Study material section start

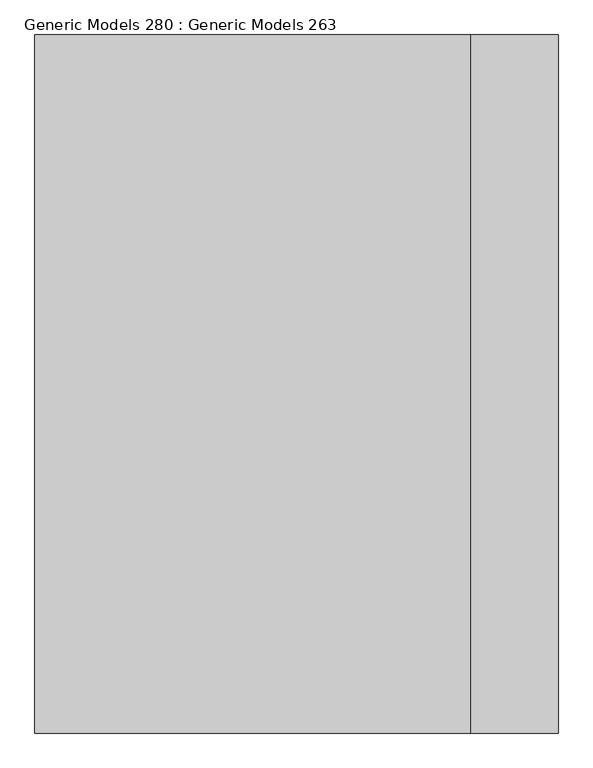
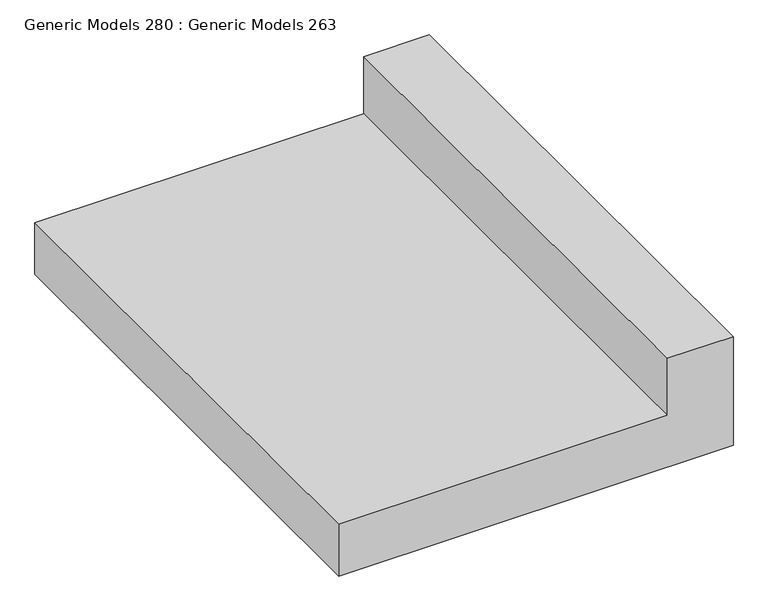
"""IFC4 building model written with IfcOpenShell, lengths in millimetres: proxy geometry, Generic Models 280 : Generic Models 263."""

import ifcopenshell
import ifcopenshell.guid

model = None  # the IFC model being written
_history = None  # IfcOwnerHistory: only IFC2X3 demands one
_inside = {}  # id of a spatial element -> (the spatial element, [elements in it])
_under = {}  # id of a project, library or spatial element -> (it, [spatial elements below it])
_declared = {}  # id of a project -> (the project, [libraries it declares])
_typed = {}  # id of a type object -> (the type object, [elements of that type])
_made_of = {}  # id of a material, layer set ... -> (it, [elements and type objects made of it])


def new_model(schema):
    """Start an empty IFC model of exactly this schema.

    Asked for "IFC4X3", IfcOpenShell would pick the latest addendum, in which some entities
    have other attributes; the version numbers below select the first issue.
    IFC2X3 requires an IfcOwnerHistory on every rooted entity: one is made here for all.
    """
    global model, _history
    if schema == "IFC4X3":
        model = ifcopenshell.file(schema_version=(4, 3, 0, 0))
    else:
        model = ifcopenshell.file(schema=schema)
    _inside.clear()
    _under.clear()
    _declared.clear()
    _typed.clear()
    _made_of.clear()
    _history = None
    if model.schema == "IFC2X3":
        org = make("IfcOrganization", Name="unknown")
        user = make(
            "IfcPersonAndOrganization",
            ThePerson=make("IfcPerson", FamilyName="unknown"),
            TheOrganization=org,
        )
        app = make(
            "IfcApplication",
            ApplicationDeveloper=org,
            Version="unknown",
            ApplicationFullName="unknown",
            ApplicationIdentifier="unknown",
        )
        _history = make(
            "IfcOwnerHistory",
            OwningUser=user,
            OwningApplication=app,
            ChangeAction="ADDED",
            CreationDate=0,
        )
    return model


def make(cls, **values):
    """One entity of the class cls with the attributes given. An attribute that is None is left unset."""
    return model.create_entity(
        cls, **{name: value for name, value in values.items() if value is not None}
    )


def rooted(cls, **values):
    """An entity with a GlobalId (a new one), such as an element, a storey or a relation."""
    return make(cls, GlobalId=ifcopenshell.guid.new(), OwnerHistory=_history, **values)


def si_unit(unit_type, name, prefix=None):
    """IfcSIUnit, for example si_unit("LENGTHUNIT", "METRE", prefix="MILLI")."""
    return make("IfcSIUnit", UnitType=unit_type, Prefix=prefix, Name=name)


def assignment(units):
    """IfcUnitAssignment: the units of a project."""
    return None if units is None else make("IfcUnitAssignment", Units=units)


def point(xyz):
    """IfcCartesianPoint."""
    return None if xyz is None else make("IfcCartesianPoint", Coordinates=xyz)


def direction(xyz):
    """IfcDirection."""
    return None if xyz is None else make("IfcDirection", DirectionRatios=xyz)


def frame(location, z_axis=None, x_axis=None):
    """IfcAxis2Placement3D, a coordinate frame: its origin and axes. An axis left out is left unset."""
    return make(
        "IfcAxis2Placement3D",
        Location=point(location),
        Axis=direction(z_axis),
        RefDirection=direction(x_axis),
    )


def origin():
    """The frame at (0, 0, 0) with its axes left unset."""
    return frame((0.0, 0.0, 0.0))


def place(relative_to, where):
    """IfcLocalPlacement: puts the frame where relative to a parent placement (None: the world)."""
    return make(
        "IfcLocalPlacement", PlacementRelTo=relative_to, RelativePlacement=where
    )


def context(
    kind, dimensions, precision=None, world=None, true_north=None, identifier=None
):
    """IfcGeometricRepresentationContext, for example the 3D "Model" context."""
    return make(
        "IfcGeometricRepresentationContext",
        ContextIdentifier=identifier,
        ContextType=kind,
        CoordinateSpaceDimension=dimensions,
        Precision=precision,
        WorldCoordinateSystem=world,
        TrueNorth=true_north,
    )


def project(units=None, contexts=None):
    """IfcProject with its units and contexts."""
    return rooted(
        "IfcProject",
        Name="project",
        RepresentationContexts=contexts,
        UnitsInContext=assignment(units),
    )


def spatial(cls, under=None, at=None, **own):
    """A site, building, storey or space (cls), placed at a placement, below another one or the project."""
    s = rooted(cls, ObjectPlacement=at, **own)
    if under is not None:
        _under.setdefault(under.id(), (under, []))[1].append(s)
    return s


def polyline(points):
    """IfcPolyline through the points."""
    return make("IfcPolyline", Points=[point(p) for p in points])


def outline(outer, holes=None, kind="AREA"):
    """IfcArbitraryClosedProfileDef: a profile drawn as a closed curve; with holes, ...WithVoids."""
    if holes is None:
        return make("IfcArbitraryClosedProfileDef", ProfileType=kind, OuterCurve=outer)
    return make(
        "IfcArbitraryProfileDefWithVoids",
        ProfileType=kind,
        OuterCurve=outer,
        InnerCurves=holes,
    )


def extrude(swept, where, along, depth):
    """IfcExtrudedAreaSolid: the profile swept, set in the frame where, extruded along a direction by depth."""
    return make(
        "IfcExtrudedAreaSolid",
        SweptArea=swept,
        Position=where,
        ExtrudedDirection=direction(along),
        Depth=depth,
    )


def shape(context_of_items, identifier, shape_type, items):
    """IfcShapeRepresentation: the items that make up one representation, for example the "Body"."""
    return make(
        "IfcShapeRepresentation",
        ContextOfItems=context_of_items,
        RepresentationIdentifier=identifier,
        RepresentationType=shape_type,
        Items=items,
    )


def source(mapping_origin, context_of_items, identifier, shape_type, items):
    """IfcRepresentationMap: a shape defined once, which mapped items show again and again."""
    return make(
        "IfcRepresentationMap",
        MappingOrigin=mapping_origin,
        MappedRepresentation=shape(context_of_items, identifier, shape_type, items),
    )


def transform(
    local_origin,
    x_axis=None,
    y_axis=None,
    z_axis=None,
    scale=None,
    scale2=None,
    scale3=None,
    uniform=True,
):
    """IfcCartesianTransformationOperator3D, or its non-uniform kind. x_axis, y_axis, z_axis: its Axis1, 2, 3."""
    if uniform:
        return make(
            "IfcCartesianTransformationOperator3D",
            Axis1=direction(x_axis),
            Axis2=direction(y_axis),
            LocalOrigin=point(local_origin),
            Scale=scale,
            Axis3=direction(z_axis),
        )
    return make(
        "IfcCartesianTransformationOperator3DnonUniform",
        Axis1=direction(x_axis),
        Axis2=direction(y_axis),
        LocalOrigin=point(local_origin),
        Scale=scale,
        Axis3=direction(z_axis),
        Scale2=scale2,
        Scale3=scale3,
    )


def mapped(mapping_source, mapping_target):
    """IfcMappedItem: shows the shape of a source again, moved by a transform."""
    return make(
        "IfcMappedItem", MappingSource=mapping_source, MappingTarget=mapping_target
    )


def made_of(thing, what):
    """Note that an element or type object is made of a material, layer set ...; save() writes the relation."""
    if what is not None:
        _made_of.setdefault(what.id(), (what, []))[1].append(thing)
    return thing


def element(
    cls,
    number,
    at=None,
    inside=None,
    cuts=None,
    type_object=None,
    material=None,
    context=None,
    identifier="Body",
    shape_type=None,
    held_by="IfcProductDefinitionShape",
    body=None,
    shapes=None,
    **own,
):
    """One element of the class cls, such as IfcWall. Its Tag is "e" and its number.

    at: its placement. inside: the storey or other place that contains it. cuts: it is an
    opening in that element (IfcRelVoidsElement). A single representation is given by context,
    identifier, shape_type and body (its items); several are given by shapes. held_by: the class
    of the entity that holds the representations. save() writes the other relations.
    """
    e = rooted(cls, Tag="e%d" % number, ObjectPlacement=at, **own)
    if body is not None:
        shapes = [shape(context, identifier, shape_type, body)]
    if shapes is not None:
        e.Representation = make(held_by, Representations=shapes)
    if inside is not None:
        _inside.setdefault(inside.id(), (inside, []))[1].append(e)
    if cuts is not None:
        rooted(
            "IfcRelVoidsElement", RelatingBuildingElement=cuts, RelatedOpeningElement=e
        )
    if type_object is not None:
        _typed.setdefault(type_object.id(), (type_object, []))[1].append(e)
    return made_of(e, material)


def aggregate(whole, parts):
    """IfcRelAggregates: a whole, such as a stair, and the parts it consists of."""
    return rooted("IfcRelAggregates", RelatingObject=whole, RelatedObjects=parts)


def save(model, path):
    """Write the relations noted so far, then the file.

    IfcRelAggregates (storeys below a building ...), IfcRelContainedInSpatialStructure (elements
    in a storey), IfcRelDefinesByType, IfcRelAssociatesMaterial and IfcRelDeclares: one each for
    every whole, place, type object, material and project.
    """
    for whole, parts in _under.values():
        aggregate(whole, parts)
    for where, things in _inside.values():
        rooted(
            "IfcRelContainedInSpatialStructure",
            RelatedElements=things,
            RelatingStructure=where,
        )
    for kind, things in _typed.values():
        rooted("IfcRelDefinesByType", RelatedObjects=things, RelatingType=kind)
    for what, things in _made_of.values():
        rooted("IfcRelAssociatesMaterial", RelatedObjects=things, RelatingMaterial=what)
    for by, libraries in _declared.values():
        rooted("IfcRelDeclares", RelatingContext=by, RelatedDefinitions=libraries)
    model.write(path)


def generic_models_280_generic_models_263_4ff5fa89(model_context):
    return source(origin(), model_context, "Body", "SweptSolid", [
        extrude(outline(polyline([(-381.0, 62776.3797726), (-381.0, 62014.3797726), (-508.0, 62014.3797726), (-508.0, 62928.7797726), (-241.3, 62928.7797726), (-241.3, 62776.3797726), (-381.0, 62776.3797726)])), frame((0.0, -94.4486541, 0.0), z_axis=(0.0, 1.0, 0.0), x_axis=(0.0, 0.0, 1.0)), (0.0, 0.0, 1.0), 1219.2),
    ])


if __name__ == "__main__":
    model = new_model("IFC4")
    model_context = context("Model", 3, world=origin())
    ifc_project = project(units=[si_unit("LENGTHUNIT", "METRE", prefix="MILLI")], contexts=[model_context])
    site = spatial("IfcSite", under=ifc_project)
    building = spatial("IfcBuilding", under=site)
    placement = place(None, origin())
    generic_models_280_generic_models_263_shape = generic_models_280_generic_models_263_4ff5fa89(model_context)
    element("IfcBuildingElementProxy", 1, Name="Generic Models 280 : Generic Models 263", ObjectType="Generic Models 280 : Generic Models 263", at=placement, inside=building, context=model_context, shape_type="MappedRepresentation", body=[
        mapped(generic_models_280_generic_models_263_shape, transform((0.0, 0.0, 0.0), x_axis=(1.0, 0.0, 0.0), y_axis=(0.0, 1.0, 0.0), z_axis=(0.0, 0.0, 1.0))),
    ])
    save(model, "model.ifc")

# Revit data of these elements
# Element 1 (IfcBuildingElementProxy, "Generic Models 280 : Generic Models 263")
#   Materials on its faces: "5\" MIN. COMPACTED BASE AGGREGATE UNDER CURB"
# Materials
#   "5\" MIN. COMPACTED BASE AGGREGATE UNDER CURB": class "Miscellaneous", colour RGB 183 184 198, transparency 0, Cost = 0

Study material section end

Work task:
Search the entries for the word "Materials" and copy every line that has it.

Answer to this problem:
#   Materials on its faces: "5\" MIN. COMPACTED BASE AGGREGATE UNDER CURB"
# Materials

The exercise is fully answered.